Unitalization internal to monoidal categories Let $C$ be a monoidal category, not assumed to be symmetric. Assume that the underlying category of $C$ is nice enough, for example cocomplete, perhaps even presentable. A semigroup object in $C$ is a pair $(X,\mu)$ consisting of an object $X \in C$ and a morphism $\mu : X \otimes X \to X$ satisfying the associativity law $\mu \circ (X \otimes \mu) = \mu \circ (\mu \otimes X)$. Does the forgetful functor from monoid objects in $C$ to semigroup objects in $C$ have a left adjoint? In other words, is there an unitalization internal to $C$?
The cases $C=\mathsf{Set}$ and $C=\mathrm{Mod}(R)$ are well-known. More generally, the answer is yes when $\otimes$ preserves coproducts in each variable. Then the unitalization of $(X,\mu)$ is $(1 \oplus X,\mu',\eta)$ with the obvious morphism $\mu' : (1 \oplus X) \otimes (1 \oplus X) = 1 \oplus X \oplus X \oplus X \otimes X \to 1 \oplus X$ and $\eta : 1 \to 1 \oplus X$.
Actually I am interested in the case that $C=(\mathrm{End}(D),\circ,\mathrm{id})$ for a (nice) category $D$, thus I would like to know if every semi-monad can be made into a monad. Here $\otimes$ preserves colimits in the left variable, but not in the right variable. Actually $D$ is even a presentable symmetric monoidal category and $\mathrm{End}(D)$ refers to enriched endofunctors, i.e. I am interested in strong (semi) monads.
 A: If $C$ is locally presentable and $S$ is a semi-monad whose underlying functor is accessible, then there exists a unitalization of $S$. Here is a proof modeled after an idea discussed at the nLab at the page free monad.
Define an algebra of a semi-monad $S: C \to C$ in the expected way, as an object $X$ of $C$ equipped with a morphism (an "action") $SX \to X$ satisfying the usual associativity law for an action.
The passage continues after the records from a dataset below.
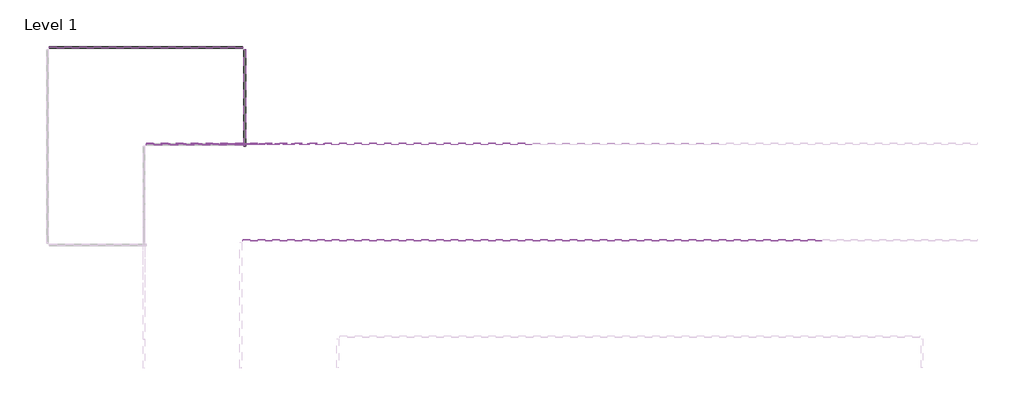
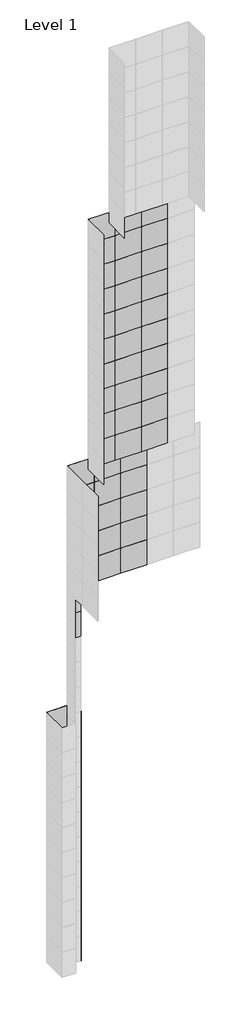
# One storey, part 13 of 15: 135 plates.
"""IFC4 building model written with IfcOpenShell, lengths in millimetres."""

from ifc_helpers import new_model, si_unit, origin, place, context, project, spatial, transform, mapped, element, save
from components import system_panel_glazed_9c75bc08, system_panel_glazed_0a0842ec, system_panel_glazed_aa64d645

model = new_model("IFC4")

# Units and contexts
model_context = context("Model", 3, world=origin())
ifc_project = project(units=[si_unit("LENGTHUNIT", "METRE", prefix="MILLI")], contexts=[model_context])

# Site, building, storey
site = spatial("IfcSite", under=ifc_project)
building = spatial("IfcBuilding", under=site)
storey = spatial("IfcBuildingStorey", under=building, Name="Level 1", Elevation=0.0)

# Plates
placement = place(None, origin())
system_panel_glazed_shape = system_panel_glazed_9c75bc08(model_context)
element("IfcPlate", 1, ObjectType="System Panel : Glazed", at=placement, inside=storey, context=model_context, shape_type="MappedRepresentation", body=[
    mapped(system_panel_glazed_shape, transform((37356.2903978, 9875.0904402, 39624.0), x_axis=(-1.0, 0.0, 0.0), y_axis=(0.0, -1.0, 0.0), z_axis=(0.0, 0.0, 1.0))),
])
element("IfcPlate", 2, ObjectType="System Panel : Glazed", at=placement, inside=storey, context=model_context, shape_type="MappedRepresentation", body=[
    mapped(system_panel_glazed_shape, transform((37356.2903978, 9875.0904402, 42672.0), x_axis=(-1.0, 0.0, 0.0), y_axis=(0.0, -1.0, 0.0), z_axis=(0.0, 0.0, 1.0))),
])
element("IfcPlate", 3, ObjectType="System Panel : Glazed", at=placement, inside=storey, context=model_context, shape_type="MappedRepresentation", body=[
    mapped(system_panel_glazed_shape, transform((37356.2903978, 9875.0904402, 0.0), x_axis=(-1.0, 0.0, 0.0), y_axis=(0.0, -1.0, 0.0), z_axis=(0.0, 0.0, 1.0))),
])
element("IfcPlate", 4, ObjectType="System Panel : Glazed", at=placement, inside=storey, context=model_context, shape_type="MappedRepresentation", body=[
    mapped(system_panel_glazed_shape, transform((37356.2903978, 9875.0904402, 3048.0), x_axis=(-1.0, 0.0, 0.0), y_axis=(0.0, -1.0, 0.0), z_axis=(0.0, 0.0, 1.0))),
])
element("IfcPlate", 5, ObjectType="System Panel : Glazed", at=placement, inside=storey, context=model_context, shape_type="MappedRepresentation", body=[
    mapped(system_panel_glazed_shape, transform((37356.2903978, 9875.0904402, 6096.0), x_axis=(-1.0, 0.0, 0.0), y_axis=(0.0, -1.0, 0.0), z_axis=(0.0, 0.0, 1.0))),
])
element("IfcPlate", 6, ObjectType="System Panel : Glazed", at=placement, inside=storey, context=model_context, shape_type="MappedRepresentation", body=[
    mapped(system_panel_glazed_shape, transform((37356.2903978, 9875.0904402, 9144.0), x_axis=(-1.0, 0.0, 0.0), y_axis=(0.0, -1.0, 0.0), z_axis=(0.0, 0.0, 1.0))),
])
element("IfcPlate", 7, ObjectType="System Panel : Glazed", at=placement, inside=storey, context=model_context, shape_type="MappedRepresentation", body=[
    mapped(system_panel_glazed_shape, transform((37356.2903978, 9875.0904402, 12192.0), x_axis=(-1.0, 0.0, 0.0), y_axis=(0.0, -1.0, 0.0), z_axis=(0.0, 0.0, 1.0))),
])
element("IfcPlate", 8, ObjectType="System Panel : Glazed", at=placement, inside=storey, context=model_context, shape_type="MappedRepresentation", body=[
    mapped(system_panel_glazed_shape, transform((37356.2903978, 9875.0904402, 15240.0), x_axis=(-1.0, 0.0, 0.0), y_axis=(0.0, -1.0, 0.0), z_axis=(0.0, 0.0, 1.0))),
])
element("IfcPlate", 9, ObjectType="System Panel : Glazed", at=placement, inside=storey, context=model_context, shape_type="MappedRepresentation", body=[
    mapped(system_panel_glazed_shape, transform((37356.2903978, 9875.0904402, 18288.0), x_axis=(-1.0, 0.0, 0.0), y_axis=(0.0, -1.0, 0.0), z_axis=(0.0, 0.0, 1.0))),
])
element("IfcPlate", 10, ObjectType="System Panel : Glazed", at=placement, inside=storey, context=model_context, shape_type="MappedRepresentation", body=[
    mapped(system_panel_glazed_shape, transform((37356.2903978, 9875.0904402, 21336.0), x_axis=(-1.0, 0.0, 0.0), y_axis=(0.0, -1.0, 0.0), z_axis=(0.0, 0.0, 1.0))),
])
element("IfcPlate", 11, ObjectType="System Panel : Glazed", at=placement, inside=storey, context=model_context, shape_type="MappedRepresentation", body=[
    mapped(system_panel_glazed_shape, transform((37356.2903978, 9875.0904402, 24384.0), x_axis=(-1.0, 0.0, 0.0), y_axis=(0.0, -1.0, 0.0), z_axis=(0.0, 0.0, 1.0))),
])
element("IfcPlate", 12, ObjectType="System Panel : Glazed", at=placement, inside=storey, context=model_context, shape_type="MappedRepresentation", body=[
    mapped(system_panel_glazed_shape, transform((37356.2903978, 9875.0904402, 27432.0), x_axis=(-1.0, 0.0, 0.0), y_axis=(0.0, -1.0, 0.0), z_axis=(0.0, 0.0, 1.0))),
])
element("IfcPlate", 13, ObjectType="System Panel : Glazed", at=placement, inside=storey, context=model_context, shape_type="MappedRepresentation", body=[
    mapped(system_panel_glazed_shape, transform((37356.2903978, 9875.0904402, 30480.0), x_axis=(-1.0, 0.0, 0.0), y_axis=(0.0, -1.0, 0.0), z_axis=(0.0, 0.0, 1.0))),
])
element("IfcPlate", 14, ObjectType="System Panel : Glazed", at=placement, inside=storey, context=model_context, shape_type="MappedRepresentation", body=[
    mapped(system_panel_glazed_shape, transform((37356.2903978, 9875.0904402, 33528.0), x_axis=(-1.0, 0.0, 0.0), y_axis=(0.0, -1.0, 0.0), z_axis=(0.0, 0.0, 1.0))),
])
element("IfcPlate", 15, ObjectType="System Panel : Glazed", at=placement, inside=storey, context=model_context, shape_type="MappedRepresentation", body=[
    mapped(system_panel_glazed_shape, transform((37356.2903978, 9875.0904402, 36576.0), x_axis=(-1.0, 0.0, 0.0), y_axis=(0.0, -1.0, 0.0), z_axis=(0.0, 0.0, 1.0))),
])
element("IfcPlate", 16, ObjectType="System Panel : Glazed", at=placement, inside=storey, context=model_context, shape_type="MappedRepresentation", body=[
    mapped(system_panel_glazed_shape, transform((37356.2903978, 9875.0904402, 39624.0), x_axis=(-1.0, 0.0, 0.0), y_axis=(0.0, -1.0, 0.0), z_axis=(0.0, 0.0, 1.0))),
])
element("IfcPlate", 17, ObjectType="System Panel : Glazed", at=placement, inside=storey, context=model_context, shape_type="MappedRepresentation", body=[
    mapped(system_panel_glazed_shape, transform((37356.2903978, 9875.0904402, 42672.0), x_axis=(-1.0, 0.0, 0.0), y_axis=(0.0, -1.0, 0.0), z_axis=(0.0, 0.0, 1.0))),
])
element("IfcPlate", 18, ObjectType="System Panel : Glazed", at=placement, inside=storey, context=model_context, shape_type="MappedRepresentation", body=[
    mapped(system_panel_glazed_shape, transform((37356.2903978, 9875.0904402, 0.0), x_axis=(-1.0, 0.0, 0.0), y_axis=(0.0, -1.0, 0.0), z_axis=(0.0, 0.0, 1.0))),
])
element("IfcPlate", 19, ObjectType="System Panel : Glazed", at=placement, inside=storey, context=model_context, shape_type="MappedRepresentation", body=[
    mapped(system_panel_glazed_shape, transform((37356.2903978, 9875.0904402, 3048.0), x_axis=(-1.0, 0.0, 0.0), y_axis=(0.0, -1.0, 0.0), z_axis=(0.0, 0.0, 1.0))),
])
element("IfcPlate", 20, ObjectType="System Panel : Glazed", at=placement, inside=storey, context=model_context, shape_type="MappedRepresentation", body=[
    mapped(system_panel_glazed_shape, transform((37356.2903978, 9875.0904402, 6096.0), x_axis=(-1.0, 0.0, 0.0), y_axis=(0.0, -1.0, 0.0), z_axis=(0.0, 0.0, 1.0))),
])
element("IfcPlate", 21, ObjectType="System Panel : Glazed", at=placement, inside=storey, context=model_context, shape_type="MappedRepresentation", body=[
    mapped(system_panel_glazed_shape, transform((37356.2903978, 9875.0904402, 9144.0), x_axis=(-1.0, 0.0, 0.0), y_axis=(0.0, -1.0, 0.0), z_axis=(0.0, 0.0, 1.0))),
])
element("IfcPlate", 22, ObjectType="System Panel : Glazed", at=placement, inside=storey, context=model_context, shape_type="MappedRepresentation", body=[
    mapped(system_panel_glazed_shape, transform((37356.2903978, 9875.0904402, 12192.0), x_axis=(-1.0, 0.0, 0.0), y_axis=(0.0, -1.0, 0.0), z_axis=(0.0, 0.0, 1.0))),
])
element("IfcPlate", 23, ObjectType="System Panel : Glazed", at=placement, inside=storey, context=model_context, shape_type="MappedRepresentation", body=[
    mapped(system_panel_glazed_shape, transform((37356.2903978, 9875.0904402, 15240.0), x_axis=(-1.0, 0.0, 0.0), y_axis=(0.0, -1.0, 0.0), z_axis=(0.0, 0.0, 1.0))),
])
element("IfcPlate", 24, ObjectType="System Panel : Glazed", at=placement, inside=storey, context=model_context, shape_type="MappedRepresentation", body=[
    mapped(system_panel_glazed_shape, transform((37356.2903978, 9875.0904402, 18288.0), x_axis=(-1.0, 0.0, 0.0), y_axis=(0.0, -1.0, 0.0), z_axis=(0.0, 0.0, 1.0))),
])
element("IfcPlate", 25, ObjectType="System Panel : Glazed", at=placement, inside=storey, context=model_context, shape_type="MappedRepresentation", body=[
    mapped(system_panel_glazed_shape, transform((37356.2903978, 9875.0904402, 21336.0), x_axis=(-1.0, 0.0, 0.0), y_axis=(0.0, -1.0, 0.0), z_axis=(0.0, 0.0, 1.0))),
])
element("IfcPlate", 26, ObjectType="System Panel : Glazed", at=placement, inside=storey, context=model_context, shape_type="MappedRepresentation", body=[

Morphisms between algebras are also defined in the expected way, so that there is a full embedding $S$-$\mathrm{Alg}_\mathrm{smd} \hookrightarrow S \downarrow C$ into the comma category. (I use the subscripts "smd" and "mnd" to indicate algebras qua semi-monads and monads.)
The main thing to check is that the forgetful functor $S$-$\mathrm{Alg}_\mathrm{smd} \to C$ is monadic in the "evil" sense, so that there is an isomorphism $F$-$\mathrm{Alg}_\mathrm{mnd} \simeq S$-$\mathrm{Alg}_\mathrm{smd}$ in $Cat/C$ for some monad $F$. The claim is that then $F$ is the free monad on the semi-monad $S$. For in that case, given a monad $M$ on $C$ we have natural bijections between

*

*Semi-monad morphisms $S \to M$,


*$S$-algebra structures $S U_M \to U_M$ where $U_M:$ $M$-$\mathrm{Alg}_\mathrm{mnd} \to C$ is the forgetful functor,


*Morphisms $M$-$\mathrm{Alg}_\mathrm{mnd} \to S$-$\mathrm{Alg}_\mathrm{smd}$ in $Cat/C$,


*Morphisms $M$-$\mathrm{Alg}_\mathrm{mnd} \to F$-$\mathrm{Alg}_\mathrm{mnd}$ in $Cat/C$,


*$F$-algebra structures (qua algebras over a monad) $F U_M \to U_M$,


*Monad morphisms $F \to M$
so that $F$ is evidently the free monad on the semi-monad $S$.
So now we check monadicity, using the precise monadicity theorem. It is straightforward that the forgetful functor $U: S$-$\mathrm{Alg}_{\mathrm{smd}} \to C$ creates (not just reflects!) $U$-split coequalizers, so we just have to check that $U$ has a left adjoint. However, since the 2-category of locally presentable categories and accessible functors inherits lax limits from $Cat$, and since $S$-$\mathrm{Alg}_\mathrm{smd}$ is a lax limit in $Cat$ (for essentially the same reason that Eilenberg-Moore categories for monads are lax limits), we see that $U: S$-$\mathrm{Alg}_\mathrm{smd} \to C$ is an accessible functor between locally presentable categories. In this situation, existence of a left adjoint to $U$ is equivalent to preservation of limits by $U$. But limit-preservation is clear. So the conditions of the precise monadicity theorem are satisfied.